▸ Dataset entries:
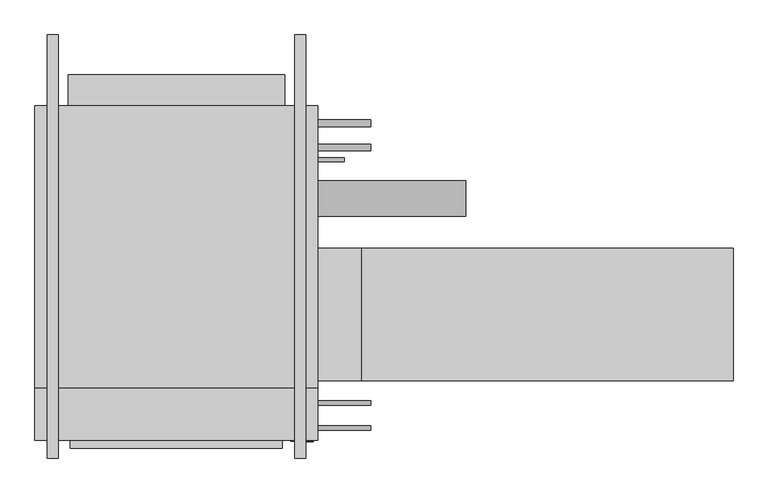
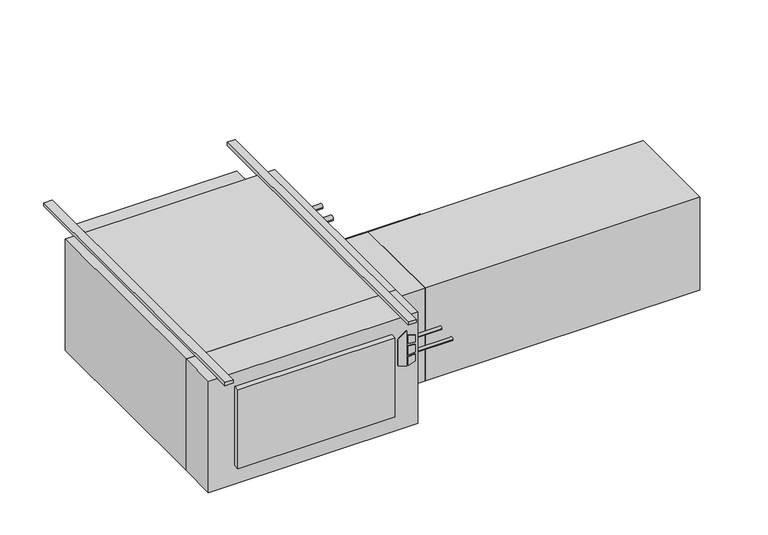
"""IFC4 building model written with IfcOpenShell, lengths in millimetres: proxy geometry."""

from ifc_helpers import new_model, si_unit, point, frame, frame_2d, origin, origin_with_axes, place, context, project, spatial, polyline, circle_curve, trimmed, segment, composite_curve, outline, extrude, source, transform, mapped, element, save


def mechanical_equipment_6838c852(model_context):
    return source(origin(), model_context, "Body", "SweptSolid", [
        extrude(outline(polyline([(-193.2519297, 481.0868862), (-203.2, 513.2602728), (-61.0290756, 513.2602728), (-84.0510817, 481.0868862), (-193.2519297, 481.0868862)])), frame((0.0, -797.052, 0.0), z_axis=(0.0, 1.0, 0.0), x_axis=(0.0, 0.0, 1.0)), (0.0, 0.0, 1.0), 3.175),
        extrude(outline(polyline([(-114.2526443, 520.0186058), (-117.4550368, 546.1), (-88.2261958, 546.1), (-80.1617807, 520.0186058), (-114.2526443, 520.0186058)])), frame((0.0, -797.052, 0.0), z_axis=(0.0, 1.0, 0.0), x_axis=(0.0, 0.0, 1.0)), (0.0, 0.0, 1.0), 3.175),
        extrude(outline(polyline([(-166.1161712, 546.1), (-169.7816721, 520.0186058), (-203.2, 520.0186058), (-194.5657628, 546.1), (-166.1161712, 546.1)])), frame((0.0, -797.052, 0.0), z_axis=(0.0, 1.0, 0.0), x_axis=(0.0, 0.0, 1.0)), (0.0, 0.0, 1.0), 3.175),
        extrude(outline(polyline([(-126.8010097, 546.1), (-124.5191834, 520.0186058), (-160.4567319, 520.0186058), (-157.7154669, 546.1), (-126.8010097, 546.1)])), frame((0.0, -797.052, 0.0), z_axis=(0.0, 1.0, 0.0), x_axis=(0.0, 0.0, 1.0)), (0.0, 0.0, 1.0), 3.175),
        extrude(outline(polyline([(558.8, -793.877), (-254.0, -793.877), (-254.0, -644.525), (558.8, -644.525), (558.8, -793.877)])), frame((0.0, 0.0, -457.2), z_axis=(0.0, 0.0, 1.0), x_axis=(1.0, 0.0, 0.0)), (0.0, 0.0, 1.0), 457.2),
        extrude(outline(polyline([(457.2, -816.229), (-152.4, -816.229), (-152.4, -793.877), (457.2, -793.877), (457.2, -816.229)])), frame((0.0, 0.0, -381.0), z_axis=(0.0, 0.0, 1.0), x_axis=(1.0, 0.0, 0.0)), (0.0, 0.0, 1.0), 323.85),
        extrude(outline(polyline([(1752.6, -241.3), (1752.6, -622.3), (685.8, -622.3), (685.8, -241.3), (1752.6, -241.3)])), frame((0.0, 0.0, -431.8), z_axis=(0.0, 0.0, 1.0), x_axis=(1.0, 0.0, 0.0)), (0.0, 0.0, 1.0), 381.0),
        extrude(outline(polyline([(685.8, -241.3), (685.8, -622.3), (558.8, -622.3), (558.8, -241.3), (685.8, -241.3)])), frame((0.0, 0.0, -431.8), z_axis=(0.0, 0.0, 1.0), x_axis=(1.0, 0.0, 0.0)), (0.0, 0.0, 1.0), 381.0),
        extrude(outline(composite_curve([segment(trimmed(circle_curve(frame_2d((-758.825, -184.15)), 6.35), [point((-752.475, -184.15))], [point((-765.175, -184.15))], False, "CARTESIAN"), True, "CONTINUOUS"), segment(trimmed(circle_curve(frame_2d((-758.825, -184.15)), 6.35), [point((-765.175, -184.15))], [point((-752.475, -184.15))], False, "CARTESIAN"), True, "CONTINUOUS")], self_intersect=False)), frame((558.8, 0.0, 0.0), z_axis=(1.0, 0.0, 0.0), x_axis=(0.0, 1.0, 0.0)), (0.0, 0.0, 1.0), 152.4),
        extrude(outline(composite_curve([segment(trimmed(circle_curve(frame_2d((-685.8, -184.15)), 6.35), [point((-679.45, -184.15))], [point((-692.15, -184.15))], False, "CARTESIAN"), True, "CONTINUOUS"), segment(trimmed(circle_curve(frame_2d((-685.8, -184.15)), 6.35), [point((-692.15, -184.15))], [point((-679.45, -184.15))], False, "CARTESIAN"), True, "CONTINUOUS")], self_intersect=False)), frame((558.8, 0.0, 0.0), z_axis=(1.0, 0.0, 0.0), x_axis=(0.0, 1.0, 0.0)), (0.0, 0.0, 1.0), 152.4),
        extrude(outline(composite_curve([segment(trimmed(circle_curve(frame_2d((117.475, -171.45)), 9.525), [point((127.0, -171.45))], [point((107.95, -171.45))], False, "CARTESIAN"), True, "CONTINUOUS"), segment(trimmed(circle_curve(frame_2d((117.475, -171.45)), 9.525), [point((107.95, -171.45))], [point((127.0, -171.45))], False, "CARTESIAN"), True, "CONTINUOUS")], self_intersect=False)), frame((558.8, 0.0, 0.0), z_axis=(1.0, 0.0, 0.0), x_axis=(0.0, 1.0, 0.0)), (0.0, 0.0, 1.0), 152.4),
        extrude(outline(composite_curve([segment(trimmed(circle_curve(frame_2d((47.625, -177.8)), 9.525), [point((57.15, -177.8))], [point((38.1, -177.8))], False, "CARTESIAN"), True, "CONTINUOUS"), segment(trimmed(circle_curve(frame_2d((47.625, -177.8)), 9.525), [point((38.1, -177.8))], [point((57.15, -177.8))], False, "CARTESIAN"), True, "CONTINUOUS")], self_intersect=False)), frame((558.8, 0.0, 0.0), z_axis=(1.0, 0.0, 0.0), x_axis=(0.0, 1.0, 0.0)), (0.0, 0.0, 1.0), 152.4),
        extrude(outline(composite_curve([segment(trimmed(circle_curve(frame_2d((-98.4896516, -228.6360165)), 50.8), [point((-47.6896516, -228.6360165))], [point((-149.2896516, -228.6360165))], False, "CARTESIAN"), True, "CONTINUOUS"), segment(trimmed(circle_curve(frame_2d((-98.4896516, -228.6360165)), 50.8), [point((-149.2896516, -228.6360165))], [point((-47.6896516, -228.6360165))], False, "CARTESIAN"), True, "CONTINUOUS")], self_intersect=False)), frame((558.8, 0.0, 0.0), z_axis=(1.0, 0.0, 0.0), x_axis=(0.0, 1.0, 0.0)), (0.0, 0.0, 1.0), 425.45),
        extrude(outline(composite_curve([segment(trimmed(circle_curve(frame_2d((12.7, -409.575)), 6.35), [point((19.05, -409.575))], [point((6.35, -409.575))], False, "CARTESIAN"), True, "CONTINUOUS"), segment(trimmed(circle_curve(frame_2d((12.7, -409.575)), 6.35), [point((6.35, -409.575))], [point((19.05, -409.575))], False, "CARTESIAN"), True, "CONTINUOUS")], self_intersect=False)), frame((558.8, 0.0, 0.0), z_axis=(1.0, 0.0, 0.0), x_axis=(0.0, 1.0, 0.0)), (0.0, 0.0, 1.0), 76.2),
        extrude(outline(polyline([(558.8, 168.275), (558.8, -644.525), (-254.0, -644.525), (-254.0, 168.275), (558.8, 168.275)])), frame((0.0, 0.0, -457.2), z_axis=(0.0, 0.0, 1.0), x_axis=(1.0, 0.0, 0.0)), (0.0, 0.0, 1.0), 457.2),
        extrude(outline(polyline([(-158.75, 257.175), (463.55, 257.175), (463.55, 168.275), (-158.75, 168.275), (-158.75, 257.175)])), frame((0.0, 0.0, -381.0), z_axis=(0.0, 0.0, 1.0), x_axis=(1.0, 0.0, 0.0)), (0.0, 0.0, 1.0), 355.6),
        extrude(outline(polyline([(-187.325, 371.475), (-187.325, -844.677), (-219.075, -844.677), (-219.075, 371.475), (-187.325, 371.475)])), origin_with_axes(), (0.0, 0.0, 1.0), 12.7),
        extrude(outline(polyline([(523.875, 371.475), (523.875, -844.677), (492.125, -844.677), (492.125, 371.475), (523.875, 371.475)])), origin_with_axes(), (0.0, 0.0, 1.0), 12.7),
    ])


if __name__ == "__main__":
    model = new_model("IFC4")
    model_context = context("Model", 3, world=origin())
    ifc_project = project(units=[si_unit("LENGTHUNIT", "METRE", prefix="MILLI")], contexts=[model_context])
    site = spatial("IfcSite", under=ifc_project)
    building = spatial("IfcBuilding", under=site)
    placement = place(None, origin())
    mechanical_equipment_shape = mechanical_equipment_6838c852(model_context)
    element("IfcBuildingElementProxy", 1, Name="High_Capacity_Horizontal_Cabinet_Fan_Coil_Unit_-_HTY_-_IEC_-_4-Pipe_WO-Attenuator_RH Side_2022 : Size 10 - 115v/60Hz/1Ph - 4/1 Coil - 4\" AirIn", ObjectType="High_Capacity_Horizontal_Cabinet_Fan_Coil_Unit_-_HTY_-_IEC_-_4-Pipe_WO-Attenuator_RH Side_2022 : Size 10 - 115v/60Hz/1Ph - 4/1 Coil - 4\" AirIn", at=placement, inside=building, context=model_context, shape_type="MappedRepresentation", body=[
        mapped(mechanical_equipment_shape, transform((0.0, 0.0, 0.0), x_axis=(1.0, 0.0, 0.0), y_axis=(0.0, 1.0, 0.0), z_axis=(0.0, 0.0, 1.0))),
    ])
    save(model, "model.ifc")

▸ WHAT NEEDS TO BE DONE:
Copy out every line in the entries above that holds "source".

▸ ANSWER SECTION:
from ifc_helpers import new_model, si_unit, point, frame, frame_2d, origin, origin_with_axes, place, context, project, spatial, polyline, circle_curve, trimmed, segment, composite_curve, outline, extrude, source, transform, mapped, element, save
    return source(origin(), model_context, "Body", "SweptSolid", [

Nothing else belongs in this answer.